There was an expectation that the meeting in Brasília would be a kind of reactivation of Unasur, but the mention of the group was vetoed in the final communiqué. Even so, do you think the agency has a future? The call was for a presidential retreat to build bridges again, not a Unasur conference. Unasur is perhaps in last place; first you need to rebuild a lot of things. There were presidents who didn’t talk to each other, who didn’t even know each other. We are not in love with the name Unasur or the institution, but with the instruments, with the possibility of having infrastructure and health councils again, like the 20 working groups that Unasur once had. For us, it can have another name, put it under another organism, it’s the same thing, as long as it’s done.
But we think that Unasur is the way to go and we are going to start demonstrating why to others who are not fully convinced. I hope we can convince [o presidente uruguaio Luis Alberto] Lacalle Pou, for example, that it is good for him and that it is necessary to de-ideologize integration. [O venezuelano Hugo] Chávez signed the Unasur treaty, but [o colombiano Álvaro] Uribe too. Cristina Kirchner participated, but also [o chileno Sebastián] Pinera. That is, if at some point this coexistence worked and it was possible to work, now it can also be.
And how do you intend to do this? With the concrete demonstration of the results that Unasur can give. For example: it had the South American Defense Council, where a new doctrine was built that understood that we are a peace zone, so we do not have to prepare our Armies to face neighboring countries as in the rest of the world, but think about defense of our natural resources. It is something that suits everyone. We also had the Health Government Institute, with a bank of 30 drugs that were purchased by the block and allowed savings of US$ 1 billion a year.
With these topics, I want to show you that ideology is not behind anything, they are concrete projects, which provide solutions for our peoples, for our economies.

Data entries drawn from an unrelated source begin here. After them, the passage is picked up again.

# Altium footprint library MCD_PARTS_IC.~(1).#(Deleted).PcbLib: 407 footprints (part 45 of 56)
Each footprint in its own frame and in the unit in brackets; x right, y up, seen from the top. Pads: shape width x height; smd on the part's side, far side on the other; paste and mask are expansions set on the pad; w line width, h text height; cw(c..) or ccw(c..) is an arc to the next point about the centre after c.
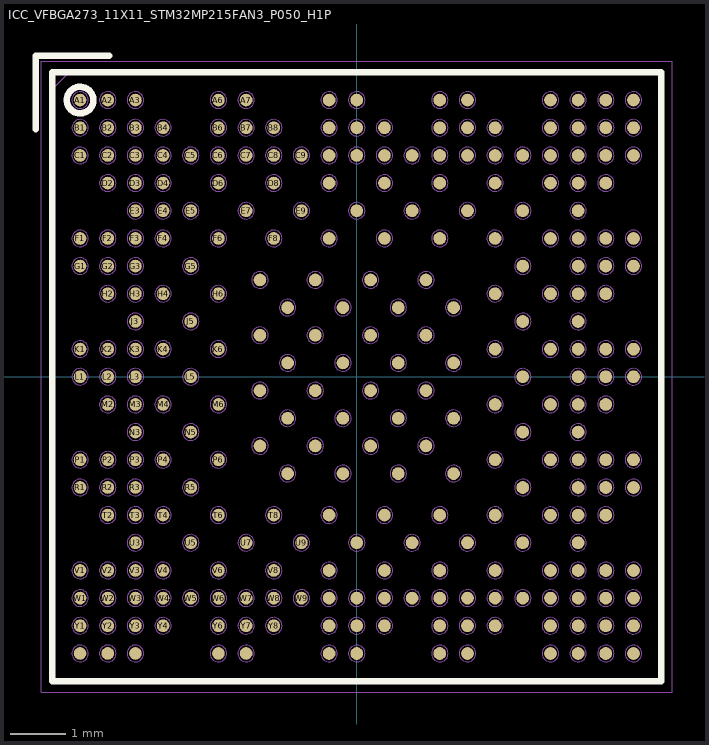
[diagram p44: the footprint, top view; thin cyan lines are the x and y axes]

## ICC_VFBGA273_11X11_STM32MP215FAN3_P050_H1P [mm]
height 1
pads (273):
  round 0.23 smd paste+0.025 mask+0.05: 1A1(-1.75,1.75) 1A3(-0.75,1.75) 1A5(0.25,1.75) 1A7(1.25,1.75) 1B2(-1.25,1.25) 1B4(-0.25,1.25) 1B6(0.75,1.25) 1B8(1.75,1.25) 1C1(-1.75,0.75) 1C3(-0.75,0.75) 1C5(0.25,0.75) 1C7(1.25,0.75) 1D2(-1.25,0.25) 1D4(-0.25,0.25) 1D6(0.75,0.25) 1D8(1.75,0.25) 1E1(-1.75,-0.25) 1E3(-0.75,-0.25) 1E5(0.25,-0.25) 1E7(1.25,-0.25) 1F2(-1.25,-0.75) 1F4(-0.25,-0.75) 1F6(0.75,-0.75) 1F8(1.75,-0.75) 1G1(-1.75,-1.25) 1G3(-0.75,-1.25) 1G5(0.25,-1.25) 1G7(1.25,-1.25) 1H2(-1.25,-1.75) 1H4(-0.25,-1.75) 1H6(0.75,-1.75) 1H8(1.75,-1.75) A1(-5,5) A2(-4.5,5) A3(-4,5) A6(-2.5,5) A7(-2,5) A10(-0.5,5) A11(0,5) A14(1.5,5) A15(2,5) A18(3.5,5) A19(4,5) A20(4.5,5) A21(5,5) AA1(-5,-5) AA2(-4.5,-5) AA3(-4,-5) AA6(-2.5,-5) AA7(-2,-5) AA10(-0.5,-5) AA11(0,-5) AA14(1.5,-5) AA15(2,-5) AA18(3.5,-5) AA19(4,-5) AA20(4.5,-5) AA21(5,-5) B1(-5,4.5) B2(-4.5,4.5) B3(-4,4.5) B4(-3.5,4.5) B6(-2.5,4.5) B7(-2,4.5) B8(-1.5,4.5) B10(-0.5,4.5) B11(0,4.5) B12(0.5,4.5) B14(1.5,4.5) B15(2,4.5) B16(2.5,4.5) B18(3.5,4.5) B19(4,4.5) B20(4.5,4.5) B21(5,4.5) C1(-5,4) C2(-4.5,4) C3(-4,4) C4(-3.5,4) C5(-3,4) C6(-2.5,4) C7(-2,4) C8(-1.5,4) C9(-1,4) C10(-0.5,4) C11(0,4) C12(0.5,4) C13(1,4) C14(1.5,4) C15(2,4) C16(2.5,4) C17(3,4) C18(3.5,4) C19(4,4) C20(4.5,4) C21(5,4) D2(-4.5,3.5) D3(-4,3.5) D4(-3.5,3.5) D6(-2.5,3.5) D8(-1.5,3.5) D10(-0.5,3.5) D12(0.5,3.5) D14(1.5,3.5) D16(2.5,3.5) D18(3.5,3.5) D19(4,3.5) D20(4.5,3.5) E3(-4,3) E4(-3.5,3) E5(-3,3) E7(-2,3) E9(-1,3) E11(0,3) E13(1,3) E15(2,3) E17(3,3) E19(4,3) F1(-5,2.5) F2(-4.5,2.5) F3(-4,2.5) F4(-3.5,2.5) F6(-2.5,2.5) F8(-1.5,2.5) F10(-0.5,2.5) F12(0.5,2.5) F14(1.5,2.5) F16(2.5,2.5) F18(3.5,2.5) F19(4,2.5) F20(4.5,2.5) F21(5,2.5) G1(-5,2) G2(-4.5,2) G3(-4,2) G5(-3,2) G17(3,2) G19(4,2) G20(4.5,2) G21(5,2) H2(-4.5,1.5) H3(-4,1.5) H4(-3.5,1.5) H6(-2.5,1.5) H16(2.5,1.5) H18(3.5,1.5) H19(4,1.5) H20(4.5,1.5) J3(-4,1) J5(-3,1) J17(3,1) J19(4,1) K1(-5,0.5) K2(-4.5,0.5) K3(-4,0.5) K4(-3.5,0.5) K6(-2.5,0.5) K16(2.5,0.5) K18(3.5,0.5) K19(4,0.5) K20(4.5,0.5) K21(5,0.5) L1(-5,0) L2(-4.5,0) L3(-4,0) L5(-3,0) L17(3,0) L19(4,0) L20(4.5,0) L21(5,0) M2(-4.5,-0.5) M3(-4,-0.5) M4(-3.5,-0.5) M6(-2.5,-0.5) M16(2.5,-0.5) M18(3.5,-0.5) M19(4,-0.5) M20(4.5,-0.5) N3(-4,-1) N5(-3,-1) N17(3,-1) N19(4,-1) P1(-5,-1.5) P2(-4.5,-1.5) P3(-4,-1.5) P4(-3.5,-1.5) P6(-2.5,-1.5) P16(2.5,-1.5) P18(3.5,-1.5) P19(4,-1.5) P20(4.5,-1.5) P21(5,-1.5) R1(-5,-2) R2(-4.5,-2) R3(-4,-2) R5(-3,-2) R17(3,-2) R19(4,-2) R20(4.5,-2) R21(5,-2) T2(-4.5,-2.5) T3(-4,-2.5) T4(-3.5,-2.5) T6(-2.5,-2.5) T8(-1.5,-2.5) T10(-0.5,-2.5) T12(0.5,-2.5) T14(1.5,-2.5) T16(2.5,-2.5) T18(3.5,-2.5) T19(4,-2.5) T20(4.5,-2.5) U3(-4,-3) U5(-3,-3) U7(-2,-3) U9(-1,-3) U11(0,-3) U13(1,-3) U15(2,-3) U17(3,-3) U19(4,-3) V1(-5,-3.5) V2(-4.5,-3.5) V3(-4,-3.5) V4(-3.5,-3.5) V6(-2.5,-3.5) V8(-1.5,-3.5) V10(-0.5,-3.5) V12(0.5,-3.5) V14(1.5,-3.5) V16(2.5,-3.5) V18(3.5,-3.5) V19(4,-3.5) V20(4.5,-3.5) V21(5,-3.5) W1(-5,-4) W2(-4.5,-4) W3(-4,-4) W4(-3.5,-4) W5(-3,-4) W6(-2.5,-4) W7(-2,-4) W8(-1.5,-4) W9(-1,-4) W10(-0.5,-4) W11(0,-4) W12(0.5,-4) W13(1,-4) W14(1.5,-4) W15(2,-4) W16(2.5,-4) W17(3,-4) W18(3.5,-4) W19(4,-4) W20(4.5,-4) W21(5,-4) Y1(-5,-4.5) Y2(-4.5,-4.5) Y3(-4,-4.5) Y4(-3.5,-4.5) Y6(-2.5,-4.5) Y7(-2,-4.5) Y8(-1.5,-4.5) Y10(-0.5,-4.5) Y11(0,-4.5) Y12(0.5,-4.5) Y14(1.5,-4.5) Y15(2,-4.5) Y16(2.5,-4.5) Y18(3.5,-4.5) Y19(4,-4.5) Y20(4.5,-4.5) Y21(5,-4.5)
Top Layer:
  lines w0.1: 4.5,2.5 ccw(c4.5,2.5) 4.5,2.5
Top Overlay:
  circle w0.12: c-5,5 r0.24
  lines w0.12: -5.8,4.475 -5.8,5.8 -4.475,5.8 ; -5.5,-5.5 -5.5,5.5 5.5,5.5 5.5,-5.5 -5.5,-5.5
M14-Top Assembly:
  drawing of 279 lines, arcs and shapes, not listed
  text "A1" at -5.25,4.8 h0.4
  text "'.Designator'" at 0,0 h0.75
M16-Top Courtyard:
  lines w0.01: -5.7,-5.7 5.7,-5.7 5.7,5.7 -5.7,5.7 -5.7,-5.7
3D body: height 0.36, standoff -0.04, extent 1.55,-1.95 1.95,-1.55
3D body: height 0.36, standoff -0.04, extent 0.55,-1.95 0.95,-1.55
3D body: height 0.36, standoff -0.04, extent -0.45,-1.95 -0.05,-1.55
3D body: height 0.36, standoff -0.04, extent -1.45,-1.95 -1.05,-1.55
3D body: height 0.36, standoff -0.04, extent 1.05,-1.45 1.45,-1.05
3D body: height 0.36, standoff -0.04, extent 0.05,-1.45 0.45,-1.05
3D body: height 0.36, standoff -0.04, extent -0.95,-1.45 -0.55,-1.05
3D body: height 0.36, standoff -0.04, extent -1.95,-1.45 -1.55,-1.05
3D body: height 0.36, standoff -0.04, extent 1.55,-0.95 1.95,-0.55
3D body: height 0.36, standoff -0.04, extent 0.55,-0.95 0.95,-0.55
3D body: height 0.36, standoff -0.04, extent -0.45,-0.95 -0.05,-0.55
3D body: height 0.36, standoff -0.04, extent -1.45,-0.95 -1.05,-0.55
3D body: height 0.36, standoff -0.04, extent 1.05,-0.45 1.45,-0.05
3D body: height 0.36, standoff -0.04, extent 0.05,-0.45 0.45,-0.05
3D body: height 0.36, standoff -0.04, extent -0.95,-0.45 -0.55,-0.05
3D body: height 0.36, standoff -0.04, extent -1.95,-0.45 -1.55,-0.05
3D body: height 0.36, standoff -0.04, extent 1.55,0.05 1.95,0.45
3D body: height 0.36, standoff -0.04, extent 0.55,0.05 0.95,0.45
3D body: height 0.36, standoff -0.04, extent -0.45,0.05 -0.05,0.45
3D body: height 0.36, standoff -0.04, extent -1.45,0.05 -1.05,0.45
3D body: height 0.36, standoff -0.04, extent 1.05,0.55 1.45,0.95
3D body: height 0.36, standoff -0.04, extent 0.05,0.55 0.45,0.95
3D body: height 0.36, standoff -0.04, extent -0.95,0.55 -0.55,0.95
3D body: height 0.36, standoff -0.04, extent -1.95,0.55 -1.55,0.95
3D body: height 0.36, standoff -0.04, extent -1.45,1.05 -1.05,1.45
3D body: height 0.36, standoff -0.04, extent -0.45,1.05 -0.05,1.45
3D body: height 0.36, standoff -0.04, extent 0.55,1.05 0.95,1.45
3D body: height 0.36, standoff -0.04, extent 1.55,1.05 1.95,1.45
3D body: height 0.36, standoff -0.04, extent 1.05,1.55 1.45,1.95
3D body: height 0.36, standoff -0.04, extent 0.05,1.55 0.45,1.95
3D body: height 0.36, standoff -0.04, extent -0.95,1.55 -0.55,1.95
3D body: height 0.36, standoff -0.04, extent -1.95,1.55 -1.55,1.95
3D body: height 0.36, standoff -0.04, extent -0.7,2.3 -0.3,2.7
3D body: height 0.36, standoff -0.04, extent -0.7,-2.7 -0.3,-2.3
3D body: height 1.01, standoff 1, extent -5.3,4.7 -4.7,5.3
3D body: height 0.36, standoff -0.04, extent 4.3,-5.2 4.7,-4.8
3D body: height 0.36, standoff -0.04, extent 4.8,-4.7 5.2,-4.3
3D body: height 0.36, standoff -0.04, extent 3.8,-5.2 4.2,-4.8
3D body: height 0.36, standoff -0.04, extent 1.3,-4.7 1.7,-4.3
3D body: height 0.36, standoff -0.04, extent 2.3,-4.7 2.7,-4.3
3D body: height 0.36, standoff -0.04, extent -4.2,-5.2 -3.8,-4.8
3D body: height 0.36, standoff -0.04, extent -4.2,-4.7 -3.8,-4.3
3D body: height 0.36, standoff -0.04, extent -2.2,-4.7 -1.8,-4.3
3D body: height 0.36, standoff -0.04, extent -1.7,-4.7 -1.3,-4.3
3D body: height 0.36, standoff -0.04, extent -0.7,-5.2 -0.3,-4.8
3D body: height 0.36, standoff -0.04, extent 4.3,-4.7 4.7,-4.3
3D body: height 0.36, standoff -0.04, extent 3.8,-4.7 4.2,-4.3
3D body: height 0.36, standoff -0.04, extent 3.3,-5.2 3.699,-4.8
3D body: height 0.36, standoff -0.04, extent -0.2,-4.7 0.2,-4.3
3D body: height 0.36, standoff -0.04, extent 1.8,-5.2 2.2,-4.8
3D body: height 0.36, standoff -0.04, extent -5.2,-5.2 -4.8,-4.8
3D body: height 0.36, standoff -0.04, extent -4.7,-5.2 -4.3,-4.8
3D body: height 0.36, standoff -0.04, extent -2.7,-5.2 -2.3,-4.8
3D body: height 0.36, standoff -0.04, extent -2.2,-5.2 -1.8,-4.8
3D body: height 0.36, standoff -0.04, extent 4.8,-5.2 5.2,-4.8
3D body: height 0.36, standoff -0.04, extent 3.3,-4.7 3.7,-4.3
3D body: height 0.36, standoff -0.04, extent -0.7,-4.7 -0.3,-4.3
3D body: height 0.36, standoff -0.04, extent 0.3,-4.7 0.7,-4.3
3D body: height 0.36, standoff -0.04, extent 1.8,-4.7 2.2,-4.3
3D body: height 0.36, standoff -0.04, extent -5.2,-4.7 -4.8,-4.3
3D body: height 0.36, standoff -0.04, extent -4.7,-4.7 -4.3,-4.3
3D body: height 0.36, standoff -0.04, extent -3.7,-4.7 -3.3,-4.3
3D body: height 0.36, standoff -0.04, extent -2.7,-4.7 -2.3,-4.3
3D body: height 0.36, standoff -0.04, extent 4.8,-3.7 5.2,-3.3
3D body: height 0.36, standoff -0.04, extent 4.3,-3.7 4.7,-3.3
3D body: height 0.36, standoff -0.04, extent 3.8,-3.7 4.2,-3.3
3D body: height 0.36, standoff -0.04, extent 4.8,-4.2 5.2,-3.8
3D body: height 0.36, standoff -0.04, extent 4.3,-4.2 4.7,-3.8
3D body: height 0.36, standoff -0.04, extent 0.8,-4.2 1.2,-3.8
3D body: height 0.36, standoff -0.04, extent 2.3,-3.7 2.7,-3.3
3D body: height 0.36, standoff -0.04, extent -4.7,-3.7 -4.3,-3.3
3D body: height 0.36, standoff -0.04, extent -4.2,-3.7 -3.8,-3.3
3D body: height 0.36, standoff -0.04, extent -3.2,-4.2 -2.8,-3.8
3D body: height 0.36, standoff -0.04, extent -1.7,-3.7 -1.3,-3.3
3D body: height 0.36, standoff -0.04, extent 4.3,-2.7 4.7,-2.3
3D body: height 0.36, standoff -0.04, extent 3.8,-2.7 4.2,-2.3
3D body: height 0.36, standoff -0.04, extent 3.8,-3.2 4.2,-2.8
3D body: height 0.36, standoff -0.04, extent 2.8,-3.2 3.2,-2.8
3D body: height 0.36, standoff -0.04, extent -1.2,-3.2 -0.8,-2.8
3D body: height 0.36, standoff -0.04, extent 0.8,-3.2 1.2,-2.8
3D body: height 0.36, standoff -0.04, extent 1.8,-3.2 2.2,-2.8
3D body: height 0.36, standoff -0.04, extent -4.2,-3.2 -3.8,-2.8
3D body: height 0.36, standoff -0.04, extent -3.2,-3.2 -2.8,-2.8
3D body: height 0.36, standoff -0.04, extent -2.2,-3.2 -1.8,-2.8
3D body: height 0.36, standoff -0.04, extent 4.8,-2.2 5.2,-1.8
3D body: height 0.36, standoff -0.04, extent 4.3,-2.2 4.7,-1.8
3D body: height 0.36, standoff -0.04, extent 3.8,-2.2 4.2,-1.8
3D body: height 0.36, standoff -0.04, extent 2.8,-2.2 3.2,-1.8
3D body: height 0.36, standoff -0.04, extent -4.7,-2.2 -4.3,-1.8
3D body: height 0.36, standoff -0.04, extent -4.2,-2.2 -3.8,-1.8
3D body: height 0.36, standoff -0.04, extent -3.2,-2.2 -2.8,-1.8
3D body: height 0.36, standoff -0.04, extent 3.8,-1.2 4.2,-0.8
3D body: height 0.36, standoff -0.04, extent 4.3,-1.7 4.7,-1.3
3D body: height 0.36, standoff -0.04, extent 3.8,-1.7 4.2,-1.3
3D body: height 0.36, standoff -0.04, extent 2.8,-1.2 3.2,-0.8
3D body: height 0.36, standoff -0.04, extent -4.2,-1.2 -3.8,-0.8
3D body: height 0.36, standoff -0.04, extent -3.2,-1.2 -2.8,-0.8
3D body: height 0.36, standoff -0.04, extent 4.3,-0.7 4.7,-0.3
3D body: height 0.36, standoff -0.04, extent 3.8,-0.7 4.2,-0.3
3D body: height 0.36, standoff -0.04, extent -4.7,-0.7 -4.3,-0.3
3D body: height 0.36, standoff -0.04, extent -4.2,-0.7 -3.8,-0.3
3D body: height 0.36, standoff -0.04, extent 4.3,-0.2 4.7,0.2
3D body: height 0.36, standoff -0.04, extent 3.8,-0.2 4.2,0.2
3D body: height 0.36, standoff -0.04, extent 4.3,0.3 4.7,0.7
3D body: height 0.36, standoff -0.04, extent 3.8,0.3 4.2,0.7
3D body: height 0.36, standoff -0.04, extent -5.2,0.3 -4.8,0.7
3D body: height 0.36, standoff -0.04, extent -4.7,0.3 -4.3,0.7
3D body: height 0.36, standoff -0.04, extent -4.2,0.3 -3.8,0.7
3D body: height 0.36, standoff -0.04, extent 4.8,0.3 5.2,0.7
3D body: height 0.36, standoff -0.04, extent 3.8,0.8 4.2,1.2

It is possible, for example, to free up the free movement of students between our countries, who today only think about studying in the US or Europe.
Uruguay argued that “enough of institutions”. What would another group do? We South Americans form an organism on average every three years. And then new bodies appear with similar tasks and we overlap functions, budgets, employees and it gives less and less results, we get stuck in bureaucracy. Indeed, we need to converge.
In the case of Unasur, Mercosur and ECLAC, there is no overlap. Mercosur is registered in the World Trade Organization, designed to promote a common market among the bloc’s countries. Unasur was born out of politics, not economics, and is recognized by the UN, that is, it is designed more for development decisions, culture. And CELAC functions as the political chancellery of Latin America and the Caribbean, vis-à-vis other blocs or powers such as the European Union, China, the USA. It should be the place to discuss a common position on the Ukrainian War, for example.
X-ray | Matias Capeluto, 36
He is executive director of Casa Pátria Grande, linked to the Presidency of Argentina and heir to the assets of Unasur (Union of South American Nations). With a degree in political science from the University of Buenos Aires and a degree in regional integration from the Latin American Faculty of Social Sciences, he is also president of the political party Red for Buenos Aires.